Would you return the listing that follows exactly, leaving its pictures behind?

+ + + + + + +

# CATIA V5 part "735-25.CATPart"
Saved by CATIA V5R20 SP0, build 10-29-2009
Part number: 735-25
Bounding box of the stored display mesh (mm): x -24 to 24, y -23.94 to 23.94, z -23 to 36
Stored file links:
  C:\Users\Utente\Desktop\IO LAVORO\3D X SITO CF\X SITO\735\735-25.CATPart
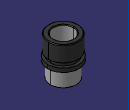
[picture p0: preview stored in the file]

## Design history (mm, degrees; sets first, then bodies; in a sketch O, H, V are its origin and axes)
Set1
  DatumSurface1 to DatumSurface25 "735-25"
Body1 (main body)

+ + + + + + +

* [Task output]
# CATIA V5 part "735-25.CATPart"
Saved by CATIA V5R20 SP0, build 10-29-2009
Part number: 735-25
Bounding box of the stored display mesh (mm): x -24 to 24, y -23.94 to 23.94, z -23 to 36
Stored file links:
  C:\Users\Utente\Desktop\IO LAVORO\3D X SITO CF\X SITO\735\735-25.CATPart
[picture p0: preview stored in the file]

## Design history (mm, degrees; sets first, then bodies; in a sketch O, H, V are its origin and axes)
Set1
  DatumSurface1 to DatumSurface25 "735-25"
Body1 (main body)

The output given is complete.